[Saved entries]
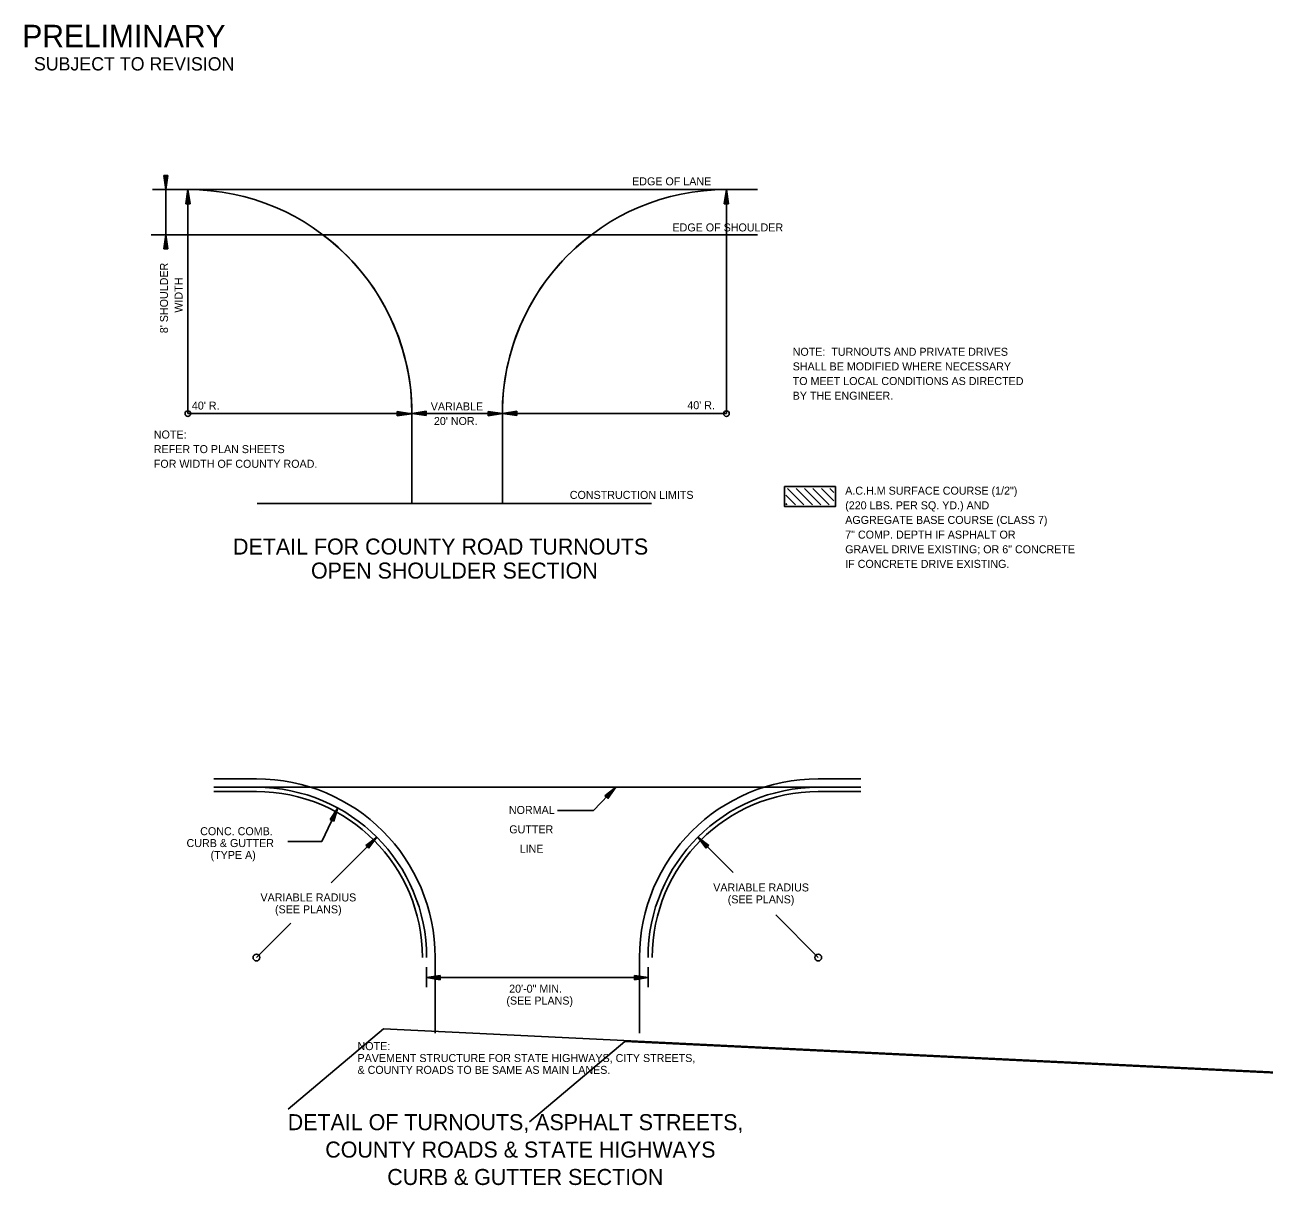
# Model space of a CAD drawing. Extents: x 1227242 to 1227801, y 152460 to 152569.
# Drawn here: x 1227342.92 to 1227362.27, y 152462.05 to 152480.17 of the extents above; entities that cross this region are included whole.
import ezdxf

# ---------------------------------------------------------------- set-up
doc = ezdxf.new("R2010")
doc.units = 0
for name, color, linetype in [('Default', 7, 'Continuous'), ('R_Border Prem', 7, 'Continuous'), ('R_Dimension', 7, 'Continuous')]:
    doc.layers.add(name, color=color, linetype=linetype)

msp = doc.modelspace()

# ---------------------------------------------------------------- linework, layer by layer
at = {"layer": 'Default'}
for p, q in [((1227345.084, 152477.819), (1227345.117, 152477.598)), ((1227345.15, 152477.819), (1227345.084, 152477.819)), ((1227345.089, 152477.819), (1227345.117, 152477.635)), ((1227345.095, 152477.819), (1227345.117, 152477.673)), ((1227345.101, 152477.819), (1227345.117, 152477.71)), ((1227345.106, 152477.819), (1227345.117, 152477.747)), ((1227345.112, 152477.819), (1227345.117, 152477.784)), ((1227345.15, 152477.819), (1227345.117, 152477.598)), ((1227345.128, 152477.819), (1227345.117, 152477.747)), ((1227345.139, 152477.819), (1227345.117, 152477.673)), ((1227345.145, 152477.819), (1227345.117, 152477.635)), ((1227345.133, 152477.819), (1227345.117, 152477.71)), ((1227345.122, 152477.819), (1227345.117, 152477.784)), ((1227344.907, 152477.598), (1227354.356, 152477.598)), ((1227345.117, 152476.892), (1227345.117, 152477.598)), ((1227345.429, 152477.378), (1227345.462, 152477.598)), ((1227345.434, 152477.378), (1227345.462, 152477.561)), ((1227345.439, 152477.378), (1227345.462, 152477.523)), ((1227345.445, 152477.378), (1227345.462, 152477.487)), ((1227345.495, 152477.378), (1227345.462, 152477.598)), ((1227345.462, 152477.598), (1227345.462, 152474.1)), ((1227353.87, 152477.598), (1227345.462, 152477.598)), ((1227345.489, 152477.378), (1227345.462, 152477.561)), ((1227345.484, 152477.378), (1227345.462, 152477.523)), ((1227345.478, 152477.378), (1227345.462, 152477.487)), ((1227348.864, 152477.591), (1227348.867, 152477.6)), ((1227348.867, 152477.597), (1227348.864, 152477.591)), ((1227348.864, 152477.591), (1227348.867, 152477.594)), ((1227353.837, 152477.378), (1227353.87, 152477.598)), ((1227353.842, 152477.378), (1227353.87, 152477.561)), ((1227353.848, 152477.378), (1227353.87, 152477.523)), ((1227353.853, 152477.378), (1227353.87, 152477.486)), ((1227353.903, 152477.378), (1227353.87, 152477.598)), ((1227353.87, 152474.1), (1227353.87, 152477.598)), ((1227353.897, 152477.378), (1227353.87, 152477.561)), ((1227353.892, 152477.378), (1227353.87, 152477.523)), ((1227353.886, 152477.378), (1227353.87, 152477.486)), ((1227345.429, 152477.378), (1227345.495, 152477.378)), ((1227345.451, 152477.378), (1227345.462, 152477.449)), ((1227345.456, 152477.378), (1227345.462, 152477.412)), ((1227345.473, 152477.378), (1227345.462, 152477.449)), ((1227345.467, 152477.378), (1227345.462, 152477.412)), ((1227353.837, 152477.378), (1227353.903, 152477.378)), ((1227353.859, 152477.378), (1227353.87, 152477.449)), ((1227353.864, 152477.378), (1227353.87, 152477.412)), ((1227353.881, 152477.378), (1227353.87, 152477.449)), ((1227353.875, 152477.378), (1227353.87, 152477.412)), ((1227344.888, 152476.892), (1227354.356, 152476.892)), ((1227345.084, 152476.671), (1227345.117, 152476.892)), ((1227345.15, 152476.671), (1227345.117, 152476.892)), ((1227351.762, 152476.892), (1227347.569, 152476.892)), ((1227345.089, 152476.671), (1227345.117, 152476.855)), ((1227345.095, 152476.671), (1227345.117, 152476.817)), ((1227345.1, 152476.671), (1227345.117, 152476.78)), ((1227345.107, 152476.671), (1227345.117, 152476.743)), ((1227345.112, 152476.671), (1227345.117, 152476.706)), ((1227345.145, 152476.671), (1227345.117, 152476.855)), ((1227345.139, 152476.671), (1227345.117, 152476.817)), ((1227345.133, 152476.671), (1227345.117, 152476.78)), ((1227345.128, 152476.671), (1227345.117, 152476.743)), ((1227345.122, 152476.671), (1227345.117, 152476.706)), ((1227345.084, 152476.671), (1227345.15, 152476.671)), ((1227345.462, 152474.101), (1227348.959, 152474.101)), ((1227348.73, 152474.131), (1227348.951, 152474.099)), ((1227348.73, 152474.131), (1227348.73, 152474.066)), ((1227348.73, 152474.127), (1227348.913, 152474.099)), ((1227348.73, 152474.121), (1227348.876, 152474.099)), ((1227348.73, 152474.115), (1227348.839, 152474.099)), ((1227348.73, 152474.109), (1227348.801, 152474.099)), ((1227348.73, 152474.104), (1227348.765, 152474.099)), ((1227348.73, 152474.066), (1227348.951, 152474.099)), ((1227348.73, 152474.088), (1227348.801, 152474.099)), ((1227348.73, 152474.077), (1227348.876, 152474.099)), ((1227348.73, 152474.071), (1227348.913, 152474.099)), ((1227348.73, 152474.082), (1227348.839, 152474.099)), ((1227348.73, 152474.093), (1227348.765, 152474.099)), ((1227348.96, 152474.101), (1227348.984, 152474.101)), ((1227348.984, 152474.101), (1227348.96, 152474.101)), ((1227348.96, 152474.1), (1227348.96, 152472.698)), ((1227348.96, 152474.1), (1227350.372, 152474.1)), ((1227348.96, 152474.1), (1227350.372, 152474.1)), ((1227348.96, 152474.1), (1227348.96, 152472.698)), ((1227349.183, 152474.137), (1227348.963, 152474.103)), ((1227348.963, 152474.103), (1227349.183, 152474.137)), ((1227348.984, 152474.101), (1227348.963, 152474.104)), ((1227349.183, 152474.071), (1227348.963, 152474.103)), ((1227349.183, 152474.071), (1227348.984, 152474.101)), ((1227349.183, 152474.131), (1227349, 152474.103)), ((1227349.183, 152474.076), (1227349, 152474.103)), ((1227349.183, 152474.126), (1227349.038, 152474.103)), ((1227349.183, 152474.082), (1227349.038, 152474.103)), ((1227349.183, 152474.12), (1227349.074, 152474.103)), ((1227349.183, 152474.087), (1227349.074, 152474.103)), ((1227349.183, 152474.115), (1227349.112, 152474.103)), ((1227349.183, 152474.093), (1227349.112, 152474.103)), ((1227349.183, 152474.109), (1227349.148, 152474.103)), ((1227349.183, 152474.098), (1227349.148, 152474.103)), ((1227349.183, 152474.071), (1227349.183, 152474.137)), ((1227349.183, 152474.137), (1227349.183, 152474.101)), ((1227349.183, 152474.101), (1227350.151, 152474.101)), ((1227350.151, 152474.101), (1227349.183, 152474.101)), ((1227349.183, 152474.101), (1227349.183, 152474.071)), ((1227350.151, 152474.133), (1227350.372, 152474.1)), ((1227350.151, 152474.133), (1227350.151, 152474.067)), ((1227350.151, 152474.101), (1227350.151, 152474.133)), ((1227350.151, 152474.133), (1227350.372, 152474.1)), ((1227350.151, 152474.128), (1227350.335, 152474.1)), ((1227350.151, 152474.122), (1227350.297, 152474.1)), ((1227350.151, 152474.116), (1227350.26, 152474.1)), ((1227350.151, 152474.111), (1227350.223, 152474.1)), ((1227350.151, 152474.105), (1227350.186, 152474.1)), ((1227350.151, 152474.067), (1227350.151, 152474.101)), ((1227350.151, 152474.067), (1227350.372, 152474.1)), ((1227350.151, 152474.089), (1227350.223, 152474.1)), ((1227350.151, 152474.078), (1227350.297, 152474.1)), ((1227350.151, 152474.072), (1227350.335, 152474.1)), ((1227350.151, 152474.084), (1227350.26, 152474.1)), ((1227350.151, 152474.095), (1227350.186, 152474.1)), ((1227350.372, 152474.1), (1227350.151, 152474.067)), ((1227350.372, 152474.101), (1227353.87, 152474.101)), ((1227350.372, 152472.698), (1227350.372, 152474.1)), ((1227350.372, 152472.698), (1227350.372, 152474.1)), ((1227350.596, 152474.137), (1227350.375, 152474.103)), ((1227350.596, 152474.071), (1227350.375, 152474.103)), ((1227350.596, 152474.131), (1227350.412, 152474.103)), ((1227350.596, 152474.076), (1227350.412, 152474.103)), ((1227350.596, 152474.126), (1227350.45, 152474.103)), ((1227350.596, 152474.082), (1227350.45, 152474.103)), ((1227350.596, 152474.12), (1227350.486, 152474.103)), ((1227350.596, 152474.087), (1227350.486, 152474.103)), ((1227350.596, 152474.115), (1227350.524, 152474.103)), ((1227350.596, 152474.093), (1227350.524, 152474.103)), ((1227350.596, 152474.109), (1227350.561, 152474.103)), ((1227350.596, 152474.098), (1227350.561, 152474.103)), ((1227350.596, 152474.071), (1227350.596, 152474.137)), ((1227346.543, 152472.698), (1227352.701, 152472.698)), ((1227348.96, 152472.698), (1227350.372, 152472.698)), ((1227346.532, 152468.398), (1227345.867, 152468.398)), ((1227355.304, 152468.398), (1227355.969, 152468.398)), ((1227350.918, 152468.265), (1227345.867, 152468.265)), ((1227346.532, 152468.199), (1227345.867, 152468.199)), ((1227350.918, 152468.265), (1227355.969, 152468.265)), ((1227351.796, 152467.901), (1227352.142, 152468.265)), ((1227351.972, 152468.133), (1227352.142, 152468.265)), ((1227351.976, 152468.129), (1227352.117, 152468.239)), ((1227351.98, 152468.125), (1227352.092, 152468.213)), ((1227351.984, 152468.121), (1227352.068, 152468.187)), ((1227352.007, 152468.1), (1227352.068, 152468.187)), ((1227352.011, 152468.096), (1227352.092, 152468.213)), ((1227352.014, 152468.092), (1227352.117, 152468.239)), ((1227352.018, 152468.089), (1227352.142, 152468.265)), ((1227355.304, 152468.199), (1227355.969, 152468.199)), ((1227351.972, 152468.133), (1227352.018, 152468.089)), ((1227351.988, 152468.118), (1227352.043, 152468.161)), ((1227351.992, 152468.114), (1227352.018, 152468.136)), ((1227351.999, 152468.107), (1227352.018, 152468.136)), ((1227352.003, 152468.103), (1227352.043, 152468.161)), ((1227347.555, 152467.42), (1227347.802, 152467.942)), ((1227347.682, 152467.763), (1227347.802, 152467.942)), ((1227347.687, 152467.761), (1227347.786, 152467.91)), ((1227347.691, 152467.759), (1227347.771, 152467.876)), ((1227347.696, 152467.757), (1227347.756, 152467.845)), ((1227347.702, 152467.755), (1227347.74, 152467.812)), ((1227347.706, 152467.751), (1227347.725, 152467.78)), ((1227347.715, 152467.747), (1227347.725, 152467.78)), ((1227347.721, 152467.745), (1227347.74, 152467.812)), ((1227347.725, 152467.743), (1227347.756, 152467.845)), ((1227347.73, 152467.74), (1227347.771, 152467.876)), ((1227347.735, 152467.738), (1227347.786, 152467.91)), ((1227347.74, 152467.736), (1227347.802, 152467.942)), ((1227351.231, 152467.901), (1227351.796, 152467.901)), ((1227347.682, 152467.763), (1227347.74, 152467.736)), ((1227347.025, 152467.42), (1227347.555, 152467.42)), ((1227347.699, 152466.774), (1227348.412, 152467.486)), ((1227348.238, 152467.358), (1227348.411, 152467.486)), ((1227348.242, 152467.355), (1227348.387, 152467.461)), ((1227348.246, 152467.351), (1227348.361, 152467.435)), ((1227348.25, 152467.347), (1227348.335, 152467.41)), ((1227348.271, 152467.325), (1227348.335, 152467.41)), ((1227348.276, 152467.321), (1227348.361, 152467.435)), ((1227348.28, 152467.317), (1227348.387, 152467.461)), ((1227348.283, 152467.313), (1227348.411, 152467.486)), ((1227353.553, 152467.313), (1227353.425, 152467.486)), ((1227353.598, 152467.358), (1227353.425, 152467.486)), ((1227353.974, 152466.936), (1227353.425, 152467.486)), ((1227353.556, 152467.317), (1227353.45, 152467.461)), ((1227353.594, 152467.355), (1227353.45, 152467.461)), ((1227353.589, 152467.351), (1227353.476, 152467.435)), ((1227353.56, 152467.321), (1227353.476, 152467.435)), ((1227353.564, 152467.325), (1227353.501, 152467.41)), ((1227353.586, 152467.347), (1227353.501, 152467.41)), ((1227348.238, 152467.358), (1227348.283, 152467.313)), ((1227348.254, 152467.343), (1227348.31, 152467.385)), ((1227348.257, 152467.34), (1227348.285, 152467.36)), ((1227348.265, 152467.332), (1227348.285, 152467.36)), ((1227348.268, 152467.329), (1227348.31, 152467.385)), ((1227353.583, 152467.343), (1227353.526, 152467.385)), ((1227353.568, 152467.329), (1227353.526, 152467.385)), ((1227353.578, 152467.34), (1227353.551, 152467.36)), ((1227353.572, 152467.332), (1227353.551, 152467.36)), ((1227353.553, 152467.313), (1227353.598, 152467.358)), ((1227355.305, 152465.606), (1227354.64, 152466.271)), ((1227346.532, 152465.606), (1227347.069, 152466.144)), ((1227349.323, 152464.426), (1227349.323, 152465.606)), ((1227352.513, 152464.426), (1227352.513, 152465.606)), ((1227349.19, 152465.141), (1227349.19, 152465.456)), ((1227349.403, 152465.324), (1227349.19, 152465.293)), ((1227352.646, 152465.293), (1227349.19, 152465.293)), ((1227349.403, 152465.26), (1227349.19, 152465.293)), ((1227349.403, 152465.319), (1227349.226, 152465.293)), ((1227349.403, 152465.266), (1227349.226, 152465.293)), ((1227349.403, 152465.313), (1227349.262, 152465.293)), ((1227349.403, 152465.271), (1227349.262, 152465.293)), ((1227349.403, 152465.308), (1227349.298, 152465.293)), ((1227349.403, 152465.277), (1227349.298, 152465.293)), ((1227349.403, 152465.302), (1227349.333, 152465.293)), ((1227349.403, 152465.282), (1227349.333, 152465.293)), ((1227349.403, 152465.298), (1227349.369, 152465.293)), ((1227349.403, 152465.287), (1227349.369, 152465.293)), ((1227349.403, 152465.26), (1227349.403, 152465.324)), ((1227352.433, 152465.324), (1227352.646, 152465.293)), ((1227352.433, 152465.324), (1227352.433, 152465.26)), ((1227352.433, 152465.319), (1227352.611, 152465.293)), ((1227352.433, 152465.313), (1227352.574, 152465.293)), ((1227352.433, 152465.308), (1227352.539, 152465.293)), ((1227352.433, 152465.302), (1227352.503, 152465.293)), ((1227352.433, 152465.298), (1227352.467, 152465.293)), ((1227352.433, 152465.26), (1227352.646, 152465.293)), ((1227352.433, 152465.282), (1227352.503, 152465.293)), ((1227352.433, 152465.271), (1227352.574, 152465.293)), ((1227352.433, 152465.266), (1227352.611, 152465.293)), ((1227352.433, 152465.277), (1227352.539, 152465.293)), ((1227352.433, 152465.287), (1227352.467, 152465.293)), ((1227352.646, 152465.141), (1227352.646, 152465.456))]:
    msp.add_line(p, q, dxfattribs=at)
msp.add_lwpolyline([(1227354.779, 152472.96), (1227354.779, 152472.648), (1227355.573, 152472.648), (1227355.573, 152472.96)], close=True, dxfattribs=at)
for points in [[(1227354.798, 152472.826), (1227354.948, 152472.677)], [(1227354.826, 152472.931), (1227355.08, 152472.677)], [(1227354.958, 152472.931), (1227355.212, 152472.677)], [(1227355.09, 152472.931), (1227355.344, 152472.677)], [(1227355.222, 152472.931), (1227355.476, 152472.677)], [(1227355.354, 152472.931), (1227355.548, 152472.737)], [(1227355.486, 152472.931), (1227355.548, 152472.869)], [(1227354.798, 152472.694), (1227354.816, 152472.677)]]:
    msp.add_lwpolyline(points, dxfattribs=at)
for centre, radius in [((1227345.462, 152474.1), 0.0441), ((1227353.87, 152474.1), 0.0441), ((1227346.532, 152465.606), 0.0532), ((1227355.304, 152465.606), 0.0532)]:
    msp.add_circle(centre, radius, dxfattribs=at)
for centre, radius, start, end in [((1227345.462, 152474.101), 3.498, 0, 90), ((1227345.462, 152474.101), 3.498, 0, 90), ((1227353.87, 152474.101), 3.498, 90, 180), ((1227353.87, 152474.101), 3.498, 90, 180), ((1227345.462, 152474.101), 3.498, 0.0007, 52.9538), ((1227353.87, 152474.101), 3.498, 127.0464, 180), ((1227346.532, 152465.606), 2.791, 0, 90), ((1227355.304, 152465.606), 2.791, 90, 180), ((1227346.532, 152465.606), 2.658, 0, 90), ((1227346.532, 152465.606), 2.592, 0, 90), ((1227355.304, 152465.606), 2.658, 90, 180), ((1227355.304, 152465.606), 2.592, 90, 179.9971)]:
    msp.add_arc(centre, radius, start, end, dxfattribs=at)
at = {"layer": 'R_Dimension'}
for p, q in [((1227348.514, 152464.494), (1227347.029, 152463.239)), ((1227352.283, 152464.294), (1227350.798, 152463.039))]:
    msp.add_line(p, q, dxfattribs=at)
for points in [[(1227391.101, 152464.336), (1227380.479, 152462.94), (1227348.514, 152464.494)], [(1227394.87, 152464.137), (1227384.248, 152462.741), (1227352.283, 152464.294)]]:
    msp.add_lwpolyline(points, dxfattribs=at)

# ---------------------------------------------------------------- texts
at = {"layer": 'Default'}
for s, height, p in [('EDGE OF LANE', 0.125, (1227352.398, 152477.665)), ('EDGE OF SHOULDER', 0.125, (1227353.028, 152476.945)), ('NOTE:  TURNOUTS AND PRIVATE DRIVES', 0.125, (1227354.905, 152475.003)), ('SHALL BE MODIFIED WHERE NECESSARY', 0.125, (1227354.905, 152474.775)), ('TO MEET LOCAL CONDITIONS AS DIRECTED', 0.125, (1227354.905, 152474.546)), ('BY THE ENGINEER.', 0.125, (1227354.905, 152474.317)), ("40' R.", 0.125, (1227345.524, 152474.163)), ('VARIABLE', 0.125, (1227349.254, 152474.15)), ("40' R.", 0.125, (1227353.26, 152474.169)), ("20' NOR.", 0.125, (1227349.303, 152473.922)), ('NOTE:', 0.125, (1227344.93, 152473.711)), ('REFER TO PLAN SHEETS', 0.125, (1227344.93, 152473.483)), ('FOR WIDTH OF COUNTY ROAD.', 0.125, (1227344.93, 152473.254)), ('CONSTRUCTION LIMITS', 0.125, (1227351.425, 152472.768)), ('A.C.H.M SURFACE COURSE (1/2") ', 0.125, (1227355.725, 152472.834)), ('(220 LBS. PER SQ. YD.) AND ', 0.125, (1227355.725, 152472.605)), ('AGGREGATE BASE COURSE (CLASS 7)', 0.125, (1227355.725, 152472.377)), ('7" COMP. DEPTH IF ASPHALT OR', 0.125, (1227355.725, 152472.148)), ('DETAIL FOR COUNTY ROAD TURNOUTS', 0.25, (1227346.167, 152471.899)), ('GRAVEL DRIVE EXISTING; OR 6" CONCRETE', 0.125, (1227355.725, 152471.919)), ('OPEN SHOULDER SECTION', 0.25, (1227347.384, 152471.524)), ('IF CONCRETE DRIVE EXISTING.', 0.125, (1227355.725, 152471.691)), ('NORMAL', 0.125, (1227350.474, 152467.848)), ('CONC. COMB.', 0.125, (1227345.654, 152467.516)), ('GUTTER', 0.125, (1227350.48, 152467.545)), ('CURB & GUTTER', 0.125, (1227345.441, 152467.331)), ('(TYPE A)', 0.125, (1227345.816, 152467.145)), ('LINE', 0.125, (1227350.642, 152467.242)), ('VARIABLE RADIUS', 0.125, (1227353.664, 152466.638)), ('VARIABLE RADIUS', 0.125, (1227346.595, 152466.482)), ('(SEE PLANS)', 0.125, (1227346.822, 152466.296)), ('(SEE PLANS)', 0.125, (1227353.891, 152466.452)), ('20\'-0" MIN.', 0.125, (1227350.478, 152465.057)), ('(SEE PLANS)', 0.125, (1227350.435, 152464.871)), ('NOTE:', 0.125, (1227348.11, 152464.16)), ('& COUNTY ROADS TO BE SAME AS MAIN LANES.', 0.125, (1227348.11, 152463.789)), ('PAVEMENT STRUCTURE FOR STATE HIGHWAYS, CITY STREETS,', 0.125, (1227348.11, 152463.974)), ('DETAIL OF TURNOUTS, ASPHALT STREETS, ', 0.25, (1227347.021, 152462.91)), ('COUNTY ROADS & STATE HIGHWAYS', 0.25, (1227347.607, 152462.482)), ('CURB & GUTTER SECTION', 0.25, (1227348.575, 152462.054))]:
    msp.add_text(s, height=height, dxfattribs=at).set_placement(p)
for s, p in [("8' SHOULDER", (1227345.151, 152475.356)), ('WIDTH', (1227345.379, 152475.676))]:
    msp.add_text(s, height=0.125, rotation=90, dxfattribs=at).set_placement(p)
at = {"layer": 'R_Border Prem'}
for s, height, p in [('PRELIMINARY', 0.35, (1227342.877, 152479.822)), ('SUBJECT TO REVISION', 0.20751, (1227343.058, 152479.459))]:
    msp.add_text(s, height=height, rotation=359.9809, dxfattribs=at).set_placement(p)

doc.saveas('drawing.dxf')

_EXERCISE GOAL_
Show all lines from the data above in which the word "Prem" appears.

_ANSWER TO THIS TASK_
for name, color, linetype in [('Default', 7, 'Continuous'), ('R_Border Prem', 7, 'Continuous'), ('R_Dimension', 7, 'Continuous')]:
at = {"layer": 'R_Border Prem'}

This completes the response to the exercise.